Problem to solve
Your task is to copy every line of the entries that holds the word "UNSPECIFIED".

[Extracted records]
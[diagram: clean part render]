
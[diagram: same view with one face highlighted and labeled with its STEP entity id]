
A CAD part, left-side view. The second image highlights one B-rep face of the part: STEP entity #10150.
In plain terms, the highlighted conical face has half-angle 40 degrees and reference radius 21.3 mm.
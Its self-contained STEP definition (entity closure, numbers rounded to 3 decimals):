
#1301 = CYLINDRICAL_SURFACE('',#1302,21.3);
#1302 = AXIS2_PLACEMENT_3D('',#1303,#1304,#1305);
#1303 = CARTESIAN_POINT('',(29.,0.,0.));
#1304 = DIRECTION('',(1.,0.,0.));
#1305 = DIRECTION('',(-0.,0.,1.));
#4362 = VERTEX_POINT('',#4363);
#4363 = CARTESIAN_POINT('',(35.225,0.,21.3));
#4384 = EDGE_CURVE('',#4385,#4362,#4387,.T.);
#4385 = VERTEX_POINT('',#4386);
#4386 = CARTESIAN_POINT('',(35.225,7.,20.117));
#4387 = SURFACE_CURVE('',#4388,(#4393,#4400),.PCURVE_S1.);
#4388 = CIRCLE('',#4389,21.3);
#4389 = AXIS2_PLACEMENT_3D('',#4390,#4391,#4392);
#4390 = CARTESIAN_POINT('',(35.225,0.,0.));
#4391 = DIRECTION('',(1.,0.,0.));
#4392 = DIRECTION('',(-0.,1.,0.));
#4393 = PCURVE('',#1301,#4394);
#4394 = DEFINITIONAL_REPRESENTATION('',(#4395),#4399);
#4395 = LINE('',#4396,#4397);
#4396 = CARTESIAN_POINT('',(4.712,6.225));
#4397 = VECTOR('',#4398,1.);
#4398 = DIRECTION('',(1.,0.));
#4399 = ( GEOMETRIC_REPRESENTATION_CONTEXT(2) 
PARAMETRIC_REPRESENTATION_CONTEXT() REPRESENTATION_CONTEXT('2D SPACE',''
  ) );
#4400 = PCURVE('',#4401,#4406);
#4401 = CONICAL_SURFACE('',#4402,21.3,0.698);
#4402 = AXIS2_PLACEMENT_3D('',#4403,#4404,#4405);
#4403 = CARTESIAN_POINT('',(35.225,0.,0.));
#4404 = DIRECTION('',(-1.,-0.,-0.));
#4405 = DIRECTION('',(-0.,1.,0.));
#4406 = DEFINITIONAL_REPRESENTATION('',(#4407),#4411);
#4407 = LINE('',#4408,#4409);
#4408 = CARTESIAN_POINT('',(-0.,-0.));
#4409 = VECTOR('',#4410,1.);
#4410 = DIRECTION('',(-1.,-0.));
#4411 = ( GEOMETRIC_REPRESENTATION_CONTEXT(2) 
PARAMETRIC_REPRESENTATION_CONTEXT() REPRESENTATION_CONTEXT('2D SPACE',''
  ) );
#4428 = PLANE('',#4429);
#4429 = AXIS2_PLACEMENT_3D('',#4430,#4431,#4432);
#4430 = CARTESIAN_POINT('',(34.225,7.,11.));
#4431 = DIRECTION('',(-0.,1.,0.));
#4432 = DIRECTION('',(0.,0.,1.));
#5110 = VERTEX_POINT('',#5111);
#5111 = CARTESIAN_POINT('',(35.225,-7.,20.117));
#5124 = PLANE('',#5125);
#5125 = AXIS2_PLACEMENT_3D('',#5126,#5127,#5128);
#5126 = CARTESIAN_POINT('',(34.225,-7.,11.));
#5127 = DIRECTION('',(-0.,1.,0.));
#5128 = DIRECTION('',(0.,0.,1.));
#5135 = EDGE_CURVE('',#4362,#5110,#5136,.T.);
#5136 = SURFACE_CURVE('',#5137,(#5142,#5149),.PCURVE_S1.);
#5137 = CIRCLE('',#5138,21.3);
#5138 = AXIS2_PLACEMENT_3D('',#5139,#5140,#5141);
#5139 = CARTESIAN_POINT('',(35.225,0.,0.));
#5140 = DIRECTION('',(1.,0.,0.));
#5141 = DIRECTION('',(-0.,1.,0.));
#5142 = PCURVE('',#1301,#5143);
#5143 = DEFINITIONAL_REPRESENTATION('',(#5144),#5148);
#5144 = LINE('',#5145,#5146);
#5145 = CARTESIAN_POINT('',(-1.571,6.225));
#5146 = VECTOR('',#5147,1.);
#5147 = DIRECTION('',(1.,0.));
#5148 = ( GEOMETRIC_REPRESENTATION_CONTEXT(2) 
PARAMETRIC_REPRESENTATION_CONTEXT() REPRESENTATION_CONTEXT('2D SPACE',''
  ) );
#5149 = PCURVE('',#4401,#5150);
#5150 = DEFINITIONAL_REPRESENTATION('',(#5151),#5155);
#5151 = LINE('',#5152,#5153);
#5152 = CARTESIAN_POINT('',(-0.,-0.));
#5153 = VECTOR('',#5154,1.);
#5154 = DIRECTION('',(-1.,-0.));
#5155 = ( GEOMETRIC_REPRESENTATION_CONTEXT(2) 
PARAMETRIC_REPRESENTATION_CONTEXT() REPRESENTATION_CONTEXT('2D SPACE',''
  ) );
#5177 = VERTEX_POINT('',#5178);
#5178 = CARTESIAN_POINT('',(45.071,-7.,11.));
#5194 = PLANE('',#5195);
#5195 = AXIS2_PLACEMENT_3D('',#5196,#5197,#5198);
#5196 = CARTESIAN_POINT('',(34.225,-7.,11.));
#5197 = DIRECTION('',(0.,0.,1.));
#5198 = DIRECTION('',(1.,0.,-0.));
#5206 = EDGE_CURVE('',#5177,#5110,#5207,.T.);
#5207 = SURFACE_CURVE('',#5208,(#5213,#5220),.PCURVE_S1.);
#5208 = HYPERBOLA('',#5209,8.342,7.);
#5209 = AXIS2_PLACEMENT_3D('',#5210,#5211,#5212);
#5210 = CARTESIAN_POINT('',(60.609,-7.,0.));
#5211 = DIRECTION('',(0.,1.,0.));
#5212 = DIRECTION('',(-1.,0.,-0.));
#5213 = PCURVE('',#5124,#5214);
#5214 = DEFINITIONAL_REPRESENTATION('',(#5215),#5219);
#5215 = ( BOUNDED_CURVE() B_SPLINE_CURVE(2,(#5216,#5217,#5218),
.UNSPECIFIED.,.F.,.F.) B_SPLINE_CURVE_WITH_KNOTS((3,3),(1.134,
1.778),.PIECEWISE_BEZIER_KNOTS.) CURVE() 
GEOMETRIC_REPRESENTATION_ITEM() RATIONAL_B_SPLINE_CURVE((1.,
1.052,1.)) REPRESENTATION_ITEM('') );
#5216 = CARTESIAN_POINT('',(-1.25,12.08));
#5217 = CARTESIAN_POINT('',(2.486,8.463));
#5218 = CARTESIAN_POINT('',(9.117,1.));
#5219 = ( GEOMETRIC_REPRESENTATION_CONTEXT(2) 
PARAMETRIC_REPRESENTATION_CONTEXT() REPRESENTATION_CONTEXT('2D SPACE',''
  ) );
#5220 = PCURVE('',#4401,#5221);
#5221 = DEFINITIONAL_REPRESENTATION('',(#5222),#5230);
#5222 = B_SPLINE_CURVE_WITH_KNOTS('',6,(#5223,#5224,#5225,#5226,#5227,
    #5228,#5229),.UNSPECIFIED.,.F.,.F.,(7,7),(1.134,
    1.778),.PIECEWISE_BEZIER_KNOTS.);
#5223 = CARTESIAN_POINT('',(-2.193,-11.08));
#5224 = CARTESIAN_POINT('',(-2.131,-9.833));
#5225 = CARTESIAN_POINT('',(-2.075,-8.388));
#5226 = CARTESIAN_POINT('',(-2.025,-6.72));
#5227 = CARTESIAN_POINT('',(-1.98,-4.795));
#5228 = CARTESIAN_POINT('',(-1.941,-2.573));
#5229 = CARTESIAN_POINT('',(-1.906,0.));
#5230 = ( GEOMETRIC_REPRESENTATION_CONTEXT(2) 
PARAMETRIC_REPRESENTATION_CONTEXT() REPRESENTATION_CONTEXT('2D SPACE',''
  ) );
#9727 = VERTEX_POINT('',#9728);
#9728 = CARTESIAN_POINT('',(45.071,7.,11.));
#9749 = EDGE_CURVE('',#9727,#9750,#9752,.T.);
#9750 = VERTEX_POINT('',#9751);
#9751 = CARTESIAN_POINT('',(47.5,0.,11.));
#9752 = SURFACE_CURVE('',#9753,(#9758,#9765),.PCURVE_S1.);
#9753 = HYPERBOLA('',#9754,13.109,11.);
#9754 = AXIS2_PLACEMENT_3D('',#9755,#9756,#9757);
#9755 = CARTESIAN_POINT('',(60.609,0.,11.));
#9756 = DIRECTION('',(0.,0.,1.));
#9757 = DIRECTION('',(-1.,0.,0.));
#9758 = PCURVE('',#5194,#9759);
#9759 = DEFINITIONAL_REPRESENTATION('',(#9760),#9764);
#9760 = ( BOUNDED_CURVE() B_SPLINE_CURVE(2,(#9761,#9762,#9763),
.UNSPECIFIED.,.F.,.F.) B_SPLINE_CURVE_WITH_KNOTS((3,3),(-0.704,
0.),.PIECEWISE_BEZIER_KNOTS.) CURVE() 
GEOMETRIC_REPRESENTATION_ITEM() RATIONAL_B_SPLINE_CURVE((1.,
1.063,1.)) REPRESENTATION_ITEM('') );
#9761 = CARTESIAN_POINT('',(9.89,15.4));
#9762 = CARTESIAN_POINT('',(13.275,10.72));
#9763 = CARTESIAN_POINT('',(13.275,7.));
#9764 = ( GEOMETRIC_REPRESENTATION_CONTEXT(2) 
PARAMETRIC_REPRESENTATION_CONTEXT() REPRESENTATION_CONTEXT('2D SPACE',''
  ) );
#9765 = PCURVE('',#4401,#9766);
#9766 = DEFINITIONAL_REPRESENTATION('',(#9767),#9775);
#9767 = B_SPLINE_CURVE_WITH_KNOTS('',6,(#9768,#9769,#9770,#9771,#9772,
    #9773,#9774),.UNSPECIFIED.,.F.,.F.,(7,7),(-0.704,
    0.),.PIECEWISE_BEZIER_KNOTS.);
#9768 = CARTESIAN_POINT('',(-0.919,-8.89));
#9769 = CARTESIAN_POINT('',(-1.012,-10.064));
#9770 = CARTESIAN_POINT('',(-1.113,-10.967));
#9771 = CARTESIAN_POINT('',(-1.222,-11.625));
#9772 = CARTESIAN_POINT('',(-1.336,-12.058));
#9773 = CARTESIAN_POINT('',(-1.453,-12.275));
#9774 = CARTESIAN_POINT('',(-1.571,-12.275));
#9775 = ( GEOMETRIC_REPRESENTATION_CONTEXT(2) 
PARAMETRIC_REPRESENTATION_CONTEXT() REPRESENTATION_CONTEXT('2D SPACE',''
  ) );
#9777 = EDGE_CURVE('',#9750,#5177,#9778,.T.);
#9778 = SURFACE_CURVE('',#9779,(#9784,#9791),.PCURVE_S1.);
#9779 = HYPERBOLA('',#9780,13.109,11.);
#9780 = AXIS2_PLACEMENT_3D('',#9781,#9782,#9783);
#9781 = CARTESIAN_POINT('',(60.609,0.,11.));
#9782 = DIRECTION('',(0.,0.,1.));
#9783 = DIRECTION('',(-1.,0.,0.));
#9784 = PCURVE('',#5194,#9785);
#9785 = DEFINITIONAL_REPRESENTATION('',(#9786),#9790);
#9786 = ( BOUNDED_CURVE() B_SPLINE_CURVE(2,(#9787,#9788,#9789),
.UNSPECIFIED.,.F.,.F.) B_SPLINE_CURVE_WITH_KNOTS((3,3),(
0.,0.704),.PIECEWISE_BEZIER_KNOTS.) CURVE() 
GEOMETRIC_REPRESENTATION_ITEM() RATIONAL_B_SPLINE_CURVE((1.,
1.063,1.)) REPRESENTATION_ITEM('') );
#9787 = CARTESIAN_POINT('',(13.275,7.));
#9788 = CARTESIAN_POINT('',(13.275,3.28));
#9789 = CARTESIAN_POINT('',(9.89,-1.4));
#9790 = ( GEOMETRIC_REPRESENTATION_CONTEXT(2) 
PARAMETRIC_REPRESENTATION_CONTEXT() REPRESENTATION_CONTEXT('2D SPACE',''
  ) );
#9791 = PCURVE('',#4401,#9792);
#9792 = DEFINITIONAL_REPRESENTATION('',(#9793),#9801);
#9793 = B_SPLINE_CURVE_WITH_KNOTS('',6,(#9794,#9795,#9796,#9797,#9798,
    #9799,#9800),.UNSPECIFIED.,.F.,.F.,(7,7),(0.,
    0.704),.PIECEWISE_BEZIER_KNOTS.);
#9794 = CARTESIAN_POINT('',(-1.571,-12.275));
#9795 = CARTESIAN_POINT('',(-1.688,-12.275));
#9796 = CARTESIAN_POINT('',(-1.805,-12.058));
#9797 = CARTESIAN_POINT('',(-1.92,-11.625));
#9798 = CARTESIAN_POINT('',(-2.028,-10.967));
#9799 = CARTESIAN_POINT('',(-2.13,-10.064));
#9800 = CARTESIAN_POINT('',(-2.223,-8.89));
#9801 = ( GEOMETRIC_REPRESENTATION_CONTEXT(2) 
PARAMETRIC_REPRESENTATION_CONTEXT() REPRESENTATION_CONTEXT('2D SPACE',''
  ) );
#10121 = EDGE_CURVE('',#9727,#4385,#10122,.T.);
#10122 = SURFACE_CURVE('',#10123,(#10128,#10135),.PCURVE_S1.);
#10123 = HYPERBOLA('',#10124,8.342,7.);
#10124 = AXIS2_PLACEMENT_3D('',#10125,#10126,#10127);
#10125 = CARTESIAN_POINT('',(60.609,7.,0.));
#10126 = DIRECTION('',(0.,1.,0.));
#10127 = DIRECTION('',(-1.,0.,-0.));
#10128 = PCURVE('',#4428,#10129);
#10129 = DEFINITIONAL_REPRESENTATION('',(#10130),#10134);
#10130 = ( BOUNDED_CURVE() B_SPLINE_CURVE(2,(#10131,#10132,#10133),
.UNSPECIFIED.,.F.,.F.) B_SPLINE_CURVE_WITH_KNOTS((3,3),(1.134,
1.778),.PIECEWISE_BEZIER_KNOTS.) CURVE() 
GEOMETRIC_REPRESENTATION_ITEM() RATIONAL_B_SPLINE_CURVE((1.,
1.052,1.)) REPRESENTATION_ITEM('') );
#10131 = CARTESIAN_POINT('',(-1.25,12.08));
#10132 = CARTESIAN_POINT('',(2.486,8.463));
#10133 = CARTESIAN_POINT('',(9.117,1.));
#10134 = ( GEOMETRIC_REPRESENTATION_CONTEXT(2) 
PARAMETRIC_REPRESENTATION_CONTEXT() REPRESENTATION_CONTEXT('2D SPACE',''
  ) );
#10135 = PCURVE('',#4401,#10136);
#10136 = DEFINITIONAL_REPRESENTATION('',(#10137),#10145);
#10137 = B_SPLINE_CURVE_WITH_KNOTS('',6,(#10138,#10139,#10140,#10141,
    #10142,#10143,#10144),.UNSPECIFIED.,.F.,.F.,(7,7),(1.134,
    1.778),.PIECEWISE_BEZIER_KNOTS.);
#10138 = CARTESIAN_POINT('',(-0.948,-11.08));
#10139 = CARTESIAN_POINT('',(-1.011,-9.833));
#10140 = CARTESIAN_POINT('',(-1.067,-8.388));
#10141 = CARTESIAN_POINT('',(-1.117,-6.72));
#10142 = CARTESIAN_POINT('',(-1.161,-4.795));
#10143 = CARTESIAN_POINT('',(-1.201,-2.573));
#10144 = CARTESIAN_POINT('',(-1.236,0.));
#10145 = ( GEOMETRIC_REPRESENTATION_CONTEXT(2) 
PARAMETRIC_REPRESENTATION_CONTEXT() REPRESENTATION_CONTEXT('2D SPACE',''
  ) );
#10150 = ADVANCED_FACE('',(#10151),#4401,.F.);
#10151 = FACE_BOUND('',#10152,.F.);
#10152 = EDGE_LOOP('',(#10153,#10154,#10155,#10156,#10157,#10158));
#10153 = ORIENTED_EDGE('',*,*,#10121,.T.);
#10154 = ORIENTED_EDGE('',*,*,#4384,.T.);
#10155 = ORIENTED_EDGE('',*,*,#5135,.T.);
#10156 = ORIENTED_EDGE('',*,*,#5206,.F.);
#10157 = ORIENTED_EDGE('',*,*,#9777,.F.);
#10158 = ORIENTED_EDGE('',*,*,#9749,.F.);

Output for this task
.UNSPECIFIED.,.F.,.F.) B_SPLINE_CURVE_WITH_KNOTS((3,3),(1.134,
    #5228,#5229),.UNSPECIFIED.,.F.,.F.,(7,7),(1.134,
.UNSPECIFIED.,.F.,.F.) B_SPLINE_CURVE_WITH_KNOTS((3,3),(-0.704,
    #9773,#9774),.UNSPECIFIED.,.F.,.F.,(7,7),(-0.704,
.UNSPECIFIED.,.F.,.F.) B_SPLINE_CURVE_WITH_KNOTS((3,3),(
    #9799,#9800),.UNSPECIFIED.,.F.,.F.,(7,7),(0.,
.UNSPECIFIED.,.F.,.F.) B_SPLINE_CURVE_WITH_KNOTS((3,3),(1.134,
    #10142,#10143,#10144),.UNSPECIFIED.,.F.,.F.,(7,7),(1.134,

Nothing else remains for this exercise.